RNAに誘導されるCRISPRシステムに基づくゲノム編集は、生物医学および農業分野の幅広い分野で広く利用されているが、オフターゲット効果が依然として課題である。
RNA誘導ゲノム編集におけるオフターゲット効果は、一塩基多型(SNP)や挿入・欠失(インデル)などの遺伝的変異によって個人間で異なることが知られている。これらの変異はgRNAの結合効率を変化させ、新たなオフターゲット効果をもたらしたり、標的部位での切断効率を低下させたりする可能性が考えられる。したがって、個別化されたオフターゲット部位の予測および検証戦略を開発することが極めて重要になるが、これまでのツールは性能や拡張性に限界がある。
CRISPRitz、VARSCOT、SNP-CRISPR、AlPaCas、CRISPRmeといった計算ツール [*1-5] が、遺伝子変異を考慮して潜在的なオフターゲット部位を特定するように設計されてきた。しかし、CRISPRitzとVARSCOTはハプロタイプレベルのオフターゲット同定を行うことができず、Webインターフェースを備えていない。CRISPRmeツールはヒトゲノムに限定されている。同様に、SNP-CRISPRは限られた種のみをサポートしており、NGGおよびNAGプロトスペーサー隣接モチーフ(PAM)型に限定されている。
韓国の研究チームが今回、個々のアレルと遺伝的変異を考慮して潜在的なオフターゲット部位を特定するために、Cas-OFFinder [Bioinformatics, 2014] をベースにして新しいパイプライン
「Variant-aware Cas-OFFinder」を開発し [アルゴリズムについてFigure 1引用右図参照]、 研究チームは、ヒトゲノムとピーマンの品種を用いて、ハプロタイプレベルで各アレルに固有の潜在的なオフターゲット部位を持つこのパイプラインの拡張性と性能をベンチマークした。
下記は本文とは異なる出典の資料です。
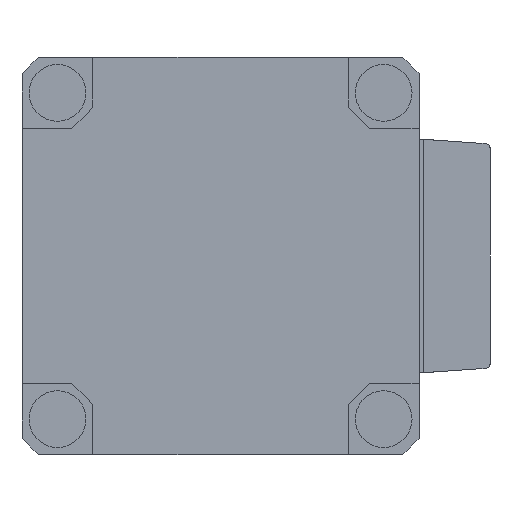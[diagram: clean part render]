
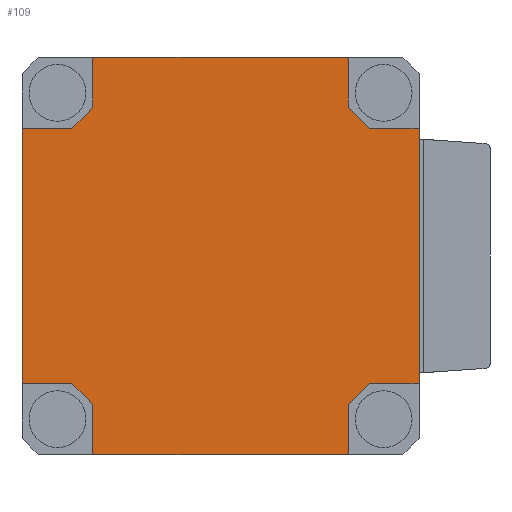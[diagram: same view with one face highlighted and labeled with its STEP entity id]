
A CAD part, left-side view. The second image highlights one B-rep face of the part: STEP entity #109.
In plain terms, the highlighted planar face has unit normal (-1, 0, 0).
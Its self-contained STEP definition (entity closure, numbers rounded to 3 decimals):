
#109 = ADVANCED_FACE( '', ( #302 ), #303, .F. );
#302 = FACE_OUTER_BOUND( '', #610, .T. );
#303 = PLANE( '', #611 );
#610 = EDGE_LOOP( '', ( #1045, #1046, #1047, #1048, #1049, #1050, #1051, #1052, #1053, #1054, #1055, #1056, #1057, #1058, #1059, #1060 ) );
#611 = AXIS2_PLACEMENT_3D( '', #1061, #1062, #1063 );
#1045 = ORIENTED_EDGE( '', *, *, #1925, .T. );
#1046 = ORIENTED_EDGE( '', *, *, #1923, .T. );
#1047 = ORIENTED_EDGE( '', *, *, #1902, .T. );
#1048 = ORIENTED_EDGE( '', *, *, #1930, .F. );
#1049 = ORIENTED_EDGE( '', *, *, #1931, .T. );
#1050 = ORIENTED_EDGE( '', *, *, #1927, .T. );
#1051 = ORIENTED_EDGE( '', *, *, #1932, .T. );
#1052 = ORIENTED_EDGE( '', *, *, #1933, .F. );
#1053 = ORIENTED_EDGE( '', *, *, #1934, .T. );
#1054 = ORIENTED_EDGE( '', *, *, #1935, .T. );
#1055 = ORIENTED_EDGE( '', *, *, #1936, .T. );
#1056 = ORIENTED_EDGE( '', *, *, #1937, .F. );
#1057 = ORIENTED_EDGE( '', *, *, #1938, .T. );
#1058 = ORIENTED_EDGE( '', *, *, #1939, .T. );
#1059 = ORIENTED_EDGE( '', *, *, #1940, .T. );
#1060 = ORIENTED_EDGE( '', *, *, #1941, .F. );
#1061 = CARTESIAN_POINT( '', ( -51.5, 0., 0. ) );
#1062 = DIRECTION( '', ( 1., 0., 0. ) );
#1063 = DIRECTION( '', ( 0., 0., -1. ) );
#1902 = EDGE_CURVE( '', #2264, #2265, #2266, .T. );
#1923 = EDGE_CURVE( '', #2305, #2264, #2306, .T. );
#1925 = EDGE_CURVE( '', #2308, #2305, #2309, .T. );
#1927 = EDGE_CURVE( '', #2311, #2312, #2313, .T. );
#1930 = EDGE_CURVE( '', #2316, #2265, #2317, .T. );
#1931 = EDGE_CURVE( '', #2316, #2311, #2318, .T. );
#1932 = EDGE_CURVE( '', #2312, #2319, #2320, .T. );
#1933 = EDGE_CURVE( '', #2321, #2319, #2322, .T. );
#1934 = EDGE_CURVE( '', #2321, #2323, #2324, .T. );
#1935 = EDGE_CURVE( '', #2323, #2325, #2326, .T. );
#1936 = EDGE_CURVE( '', #2325, #2327, #2328, .T. );
#1937 = EDGE_CURVE( '', #2329, #2327, #2330, .T. );
#1938 = EDGE_CURVE( '', #2329, #2331, #2332, .T. );
#1939 = EDGE_CURVE( '', #2331, #2333, #2334, .T. );
#1940 = EDGE_CURVE( '', #2333, #2335, #2336, .T. );
#1941 = EDGE_CURVE( '', #2308, #2335, #2337, .T. );
#2264 = VERTEX_POINT( '', #2812 );
#2265 = VERTEX_POINT( '', #2813 );
#2266 = LINE( '', #2814, #2815 );
#2305 = VERTEX_POINT( '', #2868 );
#2306 = CIRCLE( '', #2869, 19. );
#2308 = VERTEX_POINT( '', #2872 );
#2309 = LINE( '', #2873, #2874 );
#2311 = VERTEX_POINT( '', #2877 );
#2312 = VERTEX_POINT( '', #2878 );
#2313 = CIRCLE( '', #2879, 19. );
#2316 = VERTEX_POINT( '', #2884 );
#2317 = LINE( '', #2885, #2886 );
#2318 = LINE( '', #2887, #2888 );
#2319 = VERTEX_POINT( '', #2889 );
#2320 = LINE( '', #2890, #2891 );
#2321 = VERTEX_POINT( '', #2892 );
#2322 = LINE( '', #2893, #2894 );
#2323 = VERTEX_POINT( '', #2895 );
#2324 = LINE( '', #2896, #2897 );
#2325 = VERTEX_POINT( '', #2898 );
#2326 = CIRCLE( '', #2899, 19. );
#2327 = VERTEX_POINT( '', #2900 );
#2328 = LINE( '', #2901, #2902 );
#2329 = VERTEX_POINT( '', #2903 );
#2330 = LINE( '', #2904, #2905 );
#2331 = VERTEX_POINT( '', #2906 );
#2332 = LINE( '', #2907, #2908 );
#2333 = VERTEX_POINT( '', #2909 );
#2334 = CIRCLE( '', #2910, 19. );
#2335 = VERTEX_POINT( '', #2911 );
#2336 = LINE( '', #2912, #2913 );
#2337 = LINE( '', #2914, #2915 );
#2812 = CARTESIAN_POINT( '', ( -51.5, 9., -10.5 ) );
#2813 = CARTESIAN_POINT( '', ( -51.5, 9., -14. ) );
#2814 = CARTESIAN_POINT( '', ( -51.5, 9., -10.5 ) );
#2815 = VECTOR( '', #3545, 1000. );
#2868 = CARTESIAN_POINT( '', ( -51.5, 10.5, -9. ) );
#2869 = AXIS2_PLACEMENT_3D( '', #3578, #3579, #3580 );
#2872 = CARTESIAN_POINT( '', ( -51.5, 14., -9. ) );
#2873 = CARTESIAN_POINT( '', ( -51.5, 14., -9. ) );
#2874 = VECTOR( '', #3582, 1000. );
#2877 = CARTESIAN_POINT( '', ( -51.5, -9., -10.5 ) );
#2878 = CARTESIAN_POINT( '', ( -51.5, -10.5, -9. ) );
#2879 = AXIS2_PLACEMENT_3D( '', #3584, #3585, #3586 );
#2884 = CARTESIAN_POINT( '', ( -51.5, -9., -14. ) );
#2885 = CARTESIAN_POINT( '', ( -51.5, -12.845, -14. ) );
#2886 = VECTOR( '', #3589, 1000. );
#2887 = CARTESIAN_POINT( '', ( -51.5, -9., -14. ) );
#2888 = VECTOR( '', #3590, 1000. );
#2889 = CARTESIAN_POINT( '', ( -51.5, -14., -9. ) );
#2890 = CARTESIAN_POINT( '', ( -51.5, -10.5, -9. ) );
#2891 = VECTOR( '', #3591, 1000. );
#2892 = CARTESIAN_POINT( '', ( -51.5, -14., 9. ) );
#2893 = CARTESIAN_POINT( '', ( -51.5, -14., 12.845 ) );
#2894 = VECTOR( '', #3592, 1000. );
#2895 = CARTESIAN_POINT( '', ( -51.5, -10.5, 9. ) );
#2896 = CARTESIAN_POINT( '', ( -51.5, -14., 9. ) );
#2897 = VECTOR( '', #3593, 1000. );
#2898 = CARTESIAN_POINT( '', ( -51.5, -9., 10.5 ) );
#2899 = AXIS2_PLACEMENT_3D( '', #3594, #3595, #3596 );
#2900 = CARTESIAN_POINT( '', ( -51.5, -9., 14. ) );
#2901 = CARTESIAN_POINT( '', ( -51.5, -9., 10.5 ) );
#2902 = VECTOR( '', #3597, 1000. );
#2903 = CARTESIAN_POINT( '', ( -51.5, 9., 14. ) );
#2904 = CARTESIAN_POINT( '', ( -51.5, 12.845, 14. ) );
#2905 = VECTOR( '', #3598, 1000. );
#2906 = CARTESIAN_POINT( '', ( -51.5, 9., 10.5 ) );
#2907 = CARTESIAN_POINT( '', ( -51.5, 9., 14. ) );
#2908 = VECTOR( '', #3599, 1000. );
#2909 = CARTESIAN_POINT( '', ( -51.5, 10.5, 9. ) );
#2910 = AXIS2_PLACEMENT_3D( '', #3600, #3601, #3602 );
#2911 = CARTESIAN_POINT( '', ( -51.5, 14., 9. ) );
#2912 = CARTESIAN_POINT( '', ( -51.5, 10.5, 9. ) );
#2913 = VECTOR( '', #3603, 1000. );
#2914 = CARTESIAN_POINT( '', ( -51.5, 14., -12.845 ) );
#2915 = VECTOR( '', #3604, 1000. );
#3545 = DIRECTION( '', ( 0., 0., -1. ) );
#3578 = CARTESIAN_POINT( '', ( -51.5, 23.164, -23.164 ) );
#3579 = DIRECTION( '', ( 1., 0., 0. ) );
#3580 = DIRECTION( '', ( 0., 0., -1. ) );
#3582 = DIRECTION( '', ( 0., -1., 0. ) );
#3584 = CARTESIAN_POINT( '', ( -51.5, -23.164, -23.164 ) );
#3585 = DIRECTION( '', ( 1., 0., 0. ) );
#3586 = DIRECTION( '', ( 0., 0., -1. ) );
#3589 = DIRECTION( '', ( 0., 1., 0. ) );
#3590 = DIRECTION( '', ( 0., 0., 1. ) );
#3591 = DIRECTION( '', ( 0., -1., 0. ) );
#3592 = DIRECTION( '', ( 0., 0., -1. ) );
#3593 = DIRECTION( '', ( 0., 1., 0. ) );
#3594 = CARTESIAN_POINT( '', ( -51.5, -23.164, 23.164 ) );
#3595 = DIRECTION( '', ( 1., 0., 0. ) );
#3596 = DIRECTION( '', ( 0., 0., -1. ) );
#3597 = DIRECTION( '', ( 0., 0., 1. ) );
#3598 = DIRECTION( '', ( 0., -1., 0. ) );
#3599 = DIRECTION( '', ( 0., 0., -1. ) );
#3600 = CARTESIAN_POINT( '', ( -51.5, 23.164, 23.164 ) );
#3601 = DIRECTION( '', ( 1., 0., 0. ) );
#3602 = DIRECTION( '', ( 0., 0., -1. ) );
#3603 = DIRECTION( '', ( 0., 1., 0. ) );
#3604 = DIRECTION( '', ( 0., 0., 1. ) );

Variant-aware Cas-OFFinderはhttps://rgetoolkit.com/var-cas-offinder にて利用可能になっている。またソースコードならびにベンチマークのコードとデータも公開されている。
[*] 引用crisp_bio記事と論文
- CRISPRitz:CRISPRメモ_2019/11/30 [第5項] CRISPRitz: CRISPRシステムのオフターゲット部位をgRNA配列に対するindelsや変異も考慮しつつ高速に予測するソフトウエアパッケージ
- VARSCOT:2019-06-27 "VARSCOT: variant-aware detection and scoring enables sensitive and personalized off-target detection for CRISPR–Cas9" Wilson LOW, Hetzel S [..] Bauer DC. BMC Biotechnol. 2019-06-27. .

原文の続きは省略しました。